# V-Brake: Tektro RX5 vs TRP cx8.4 Opinions?



## rallyrabbit (Aug 15, 2009)

Hi all, last question on V-Brakes, I promise. I am trying to do research to stop wasting money on V-Brakes. I used some Tektro RX5 for 1.5 seasons before they mechanically fell apart. I replaced them with Tektro BX3v, which are crappy in comparison (spring sucks, doesn't stay adjusted).

So, I have SRAM Force levers. So that rules out the TRP cx9 and RX6, they are 90mm and designed for Shimano levers. TRP says the cx8.4 is designed for Campy/SRAM levers with 84mm arms. While the Tektro RX5 have 85mm arms.

So, I have read the TRP reviews:
Bike Habit: TRP CX9 and Tektro 926 Mini V Brakes for Cross
TRP CX8.4 Cyclocross Linear-Pull Brakes - Bike Hugger

So, does 1mm make any difference? How about the symmetrical vs asymmetrical design of teh TRP vs Tektro. It is a cost of $30 per set for Tektro vs $120+ for the TRP.

So, any thoughts?


----------



## AndrwSwitch (May 28, 2009)

I have a set of BX3vs. It's the same arm as the RX5. I like them a lot.

I don't think the 1mm is very important. The action of the brake has a lot to do with the total length of the arm. You're looking at a change of just over 1%. But, I haven't compared the brakes back-to-back. Maybe there's something magical about TRPs that make them worth the extra. I already have a fiancee and I realized a long time ago that there are very few girls who'd be impressed by one brake over the other anyway, so no issues of which one might get me laid.


----------



## OnTheRivet (Sep 3, 2004)

I'm running the 926's which have 80mm arms. If you don't plan on running a tire bigger than a 34mm these are the way to go in my opinion, especially with SRAM. They still have ridiculous power but that extra 4mm helps with clearance and wheel changes.
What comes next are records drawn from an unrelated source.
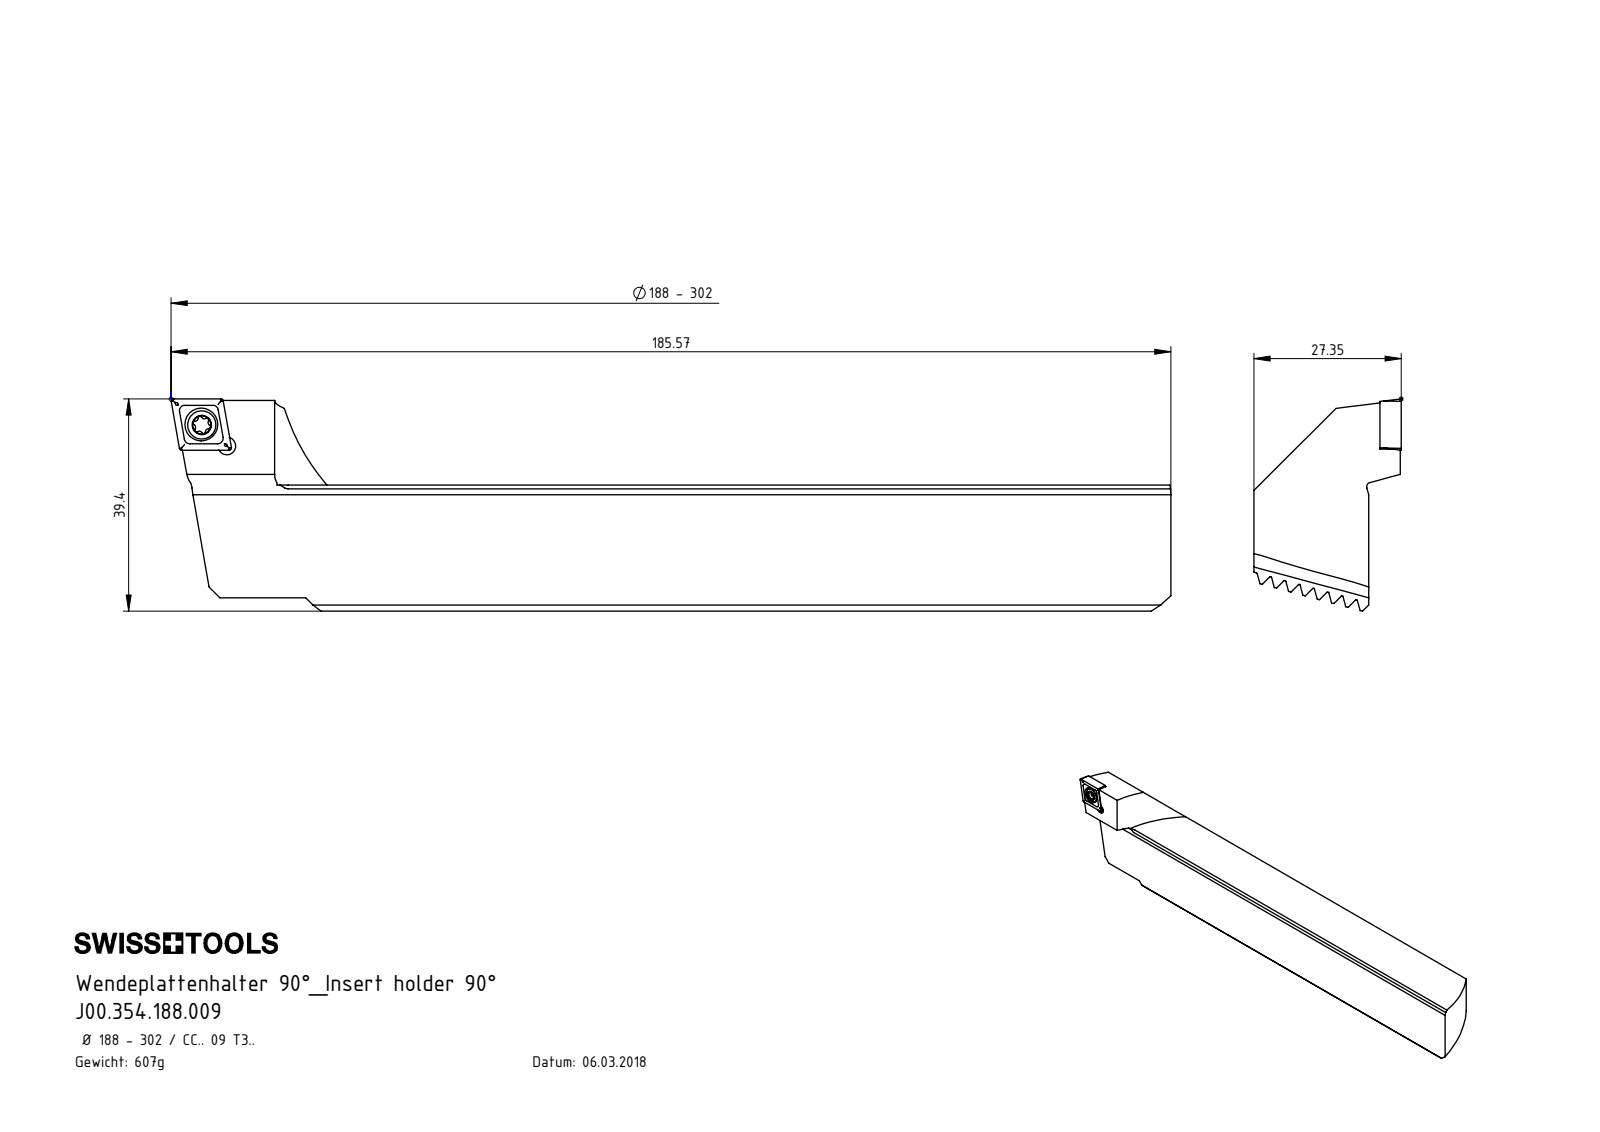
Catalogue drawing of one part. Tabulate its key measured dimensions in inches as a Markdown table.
| quantity | value |
| --- | --- |
| part name | J00.354.188.009; CCMT09T304; WCB-ER2.001.009_A; F00-WCB.188.001_C |
| STEP written by | SolidWorks 2017 (CONFIG_CONTROL_DESIGN) |
| units | inches |
| bodies | 3 solids, 694 faces (422 planar, 39 cylindrical, 233 other) |
| overall size | 7.306 × 1.551 × 1.077 |
| volume | 4.719 in³ |
| surface area | 29.34 in² |
| round holes (diameter × count) | 0.13 × 2, 0.173 × 1, 0.24 × 1 |
| round bosses / shafts (diameter × count) | 0.207 × 1, 0.157 × 1 |
| partial cylindrical surfaces (radius × count) | 0.008 × 8, 0.013 × 6, 0.023 × 6, 1.575 × 3, 0.031 × 1 |
| main face-to-face distances | 0.094, 0.839, 0.187, 0.281, 0.375, 0.188, 0.281, 0.375, 0.469, 0.563 |
| hole center spacings | 0.239, 0.244 |
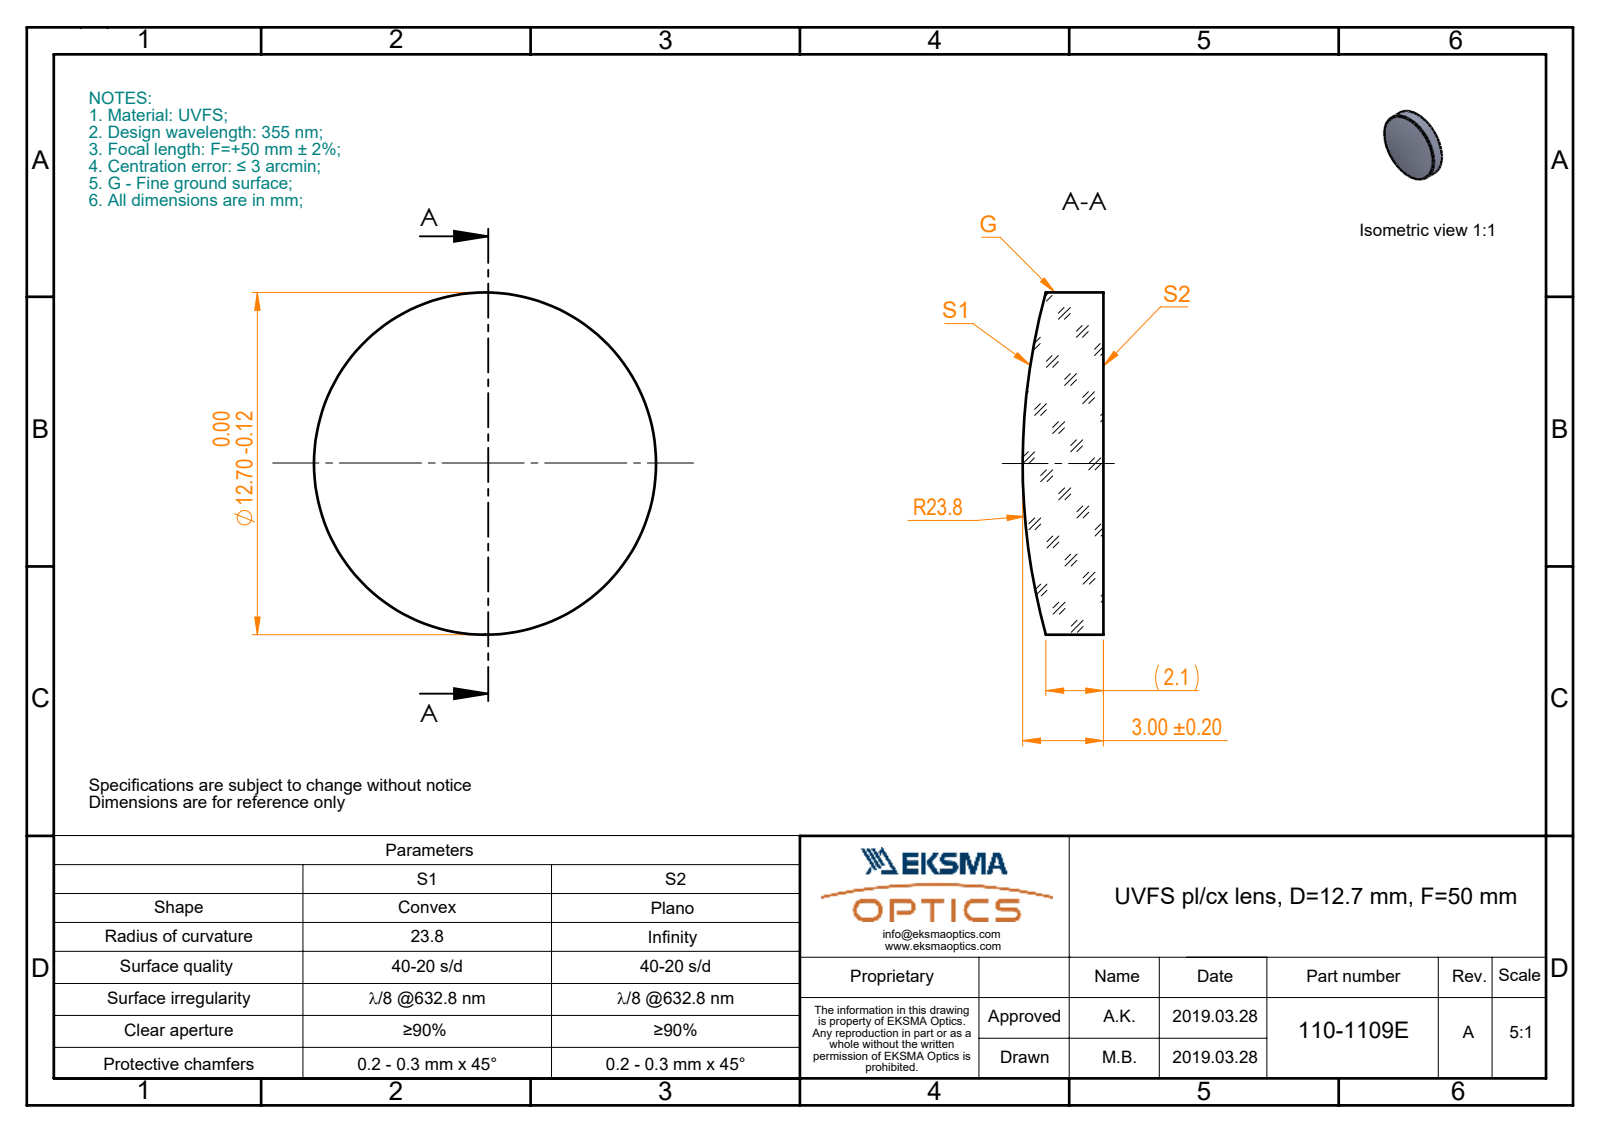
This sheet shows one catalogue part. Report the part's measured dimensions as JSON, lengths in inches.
{"part_name": "110-1109E UVFS pl-cx 12.7 F50", "step_written_by": "SolidWorks 2017 (CONFIG_CONTROL_DESIGN)", "units": "inches", "bodies": {"solids": 1, "faces": 5, "planar": 1, "cylindrical": 2, "other": 2}, "overall_size": [0.5, 0.5, 0.118], "volume_in3": 0.02, "surface_area_in2": 0.529, "round_bosses_or_shafts": [[0.5, 1]]}

As I said before they aren't trick looking but with anodized aluminum mounting bolts they look cool and weigh mere grams more than the 8.4's at a fraction of the cost.


----------



## GreenLightGo (Jul 30, 2008)

FWIW, if you watch the TRP video on the 8.4, the guy mentions the 9.0 is for those who want a more immediate braking feel, not necessarily SRAM vs. Shimano levers. I've got Rival levers with the CX 9s and don't have an issue with braking. There isn't as much pad clearance as one might want for a muddy area but I hear CO races tend to be dry.


----------



## holy cromoly (Nov 9, 2008)

Thank you for the link on the 8.4 brakes. Seems very promising over my BX3v, which I have never been happy with, even with V-brake drop levers on my SS setup.


----------



## rallyrabbit (Aug 15, 2009)

Here's another article on the cx8.4:
TRP CX8.4 Cyclo-cross Brake Review - BikeRadar

Outside of those three articles, a few from Europe I found when I was over there recently:
TRP CX8.4 Mini Linear Pull Brakes :: 29inCH

Also, asked TRP for differences, they claim that the arm is more stiff giving a more stable braking feel, alogn with better spring components, ti hardware, etc.


----------



## Snufkin (May 16, 2008)

I have the RX 5s and the 8.4s, and they both work well. The 8.4s certainly look cool and are a little punchier, I don't know how much of that is down to the better quality pads. The TRPs were nicer to set up, less fiddling with spring tension. If you can afford them I'd go with the TRPs but if you are on a budget the RX5s will serve you well.


----------



## rmp (Aug 25, 2004)

I have the RX5s. Braking power is effortless (and STRONG), but the bushing play that has developed in the front is annoying. Yeah, I could move it to the back and move the rears up front, but it still bugs me to know it's there.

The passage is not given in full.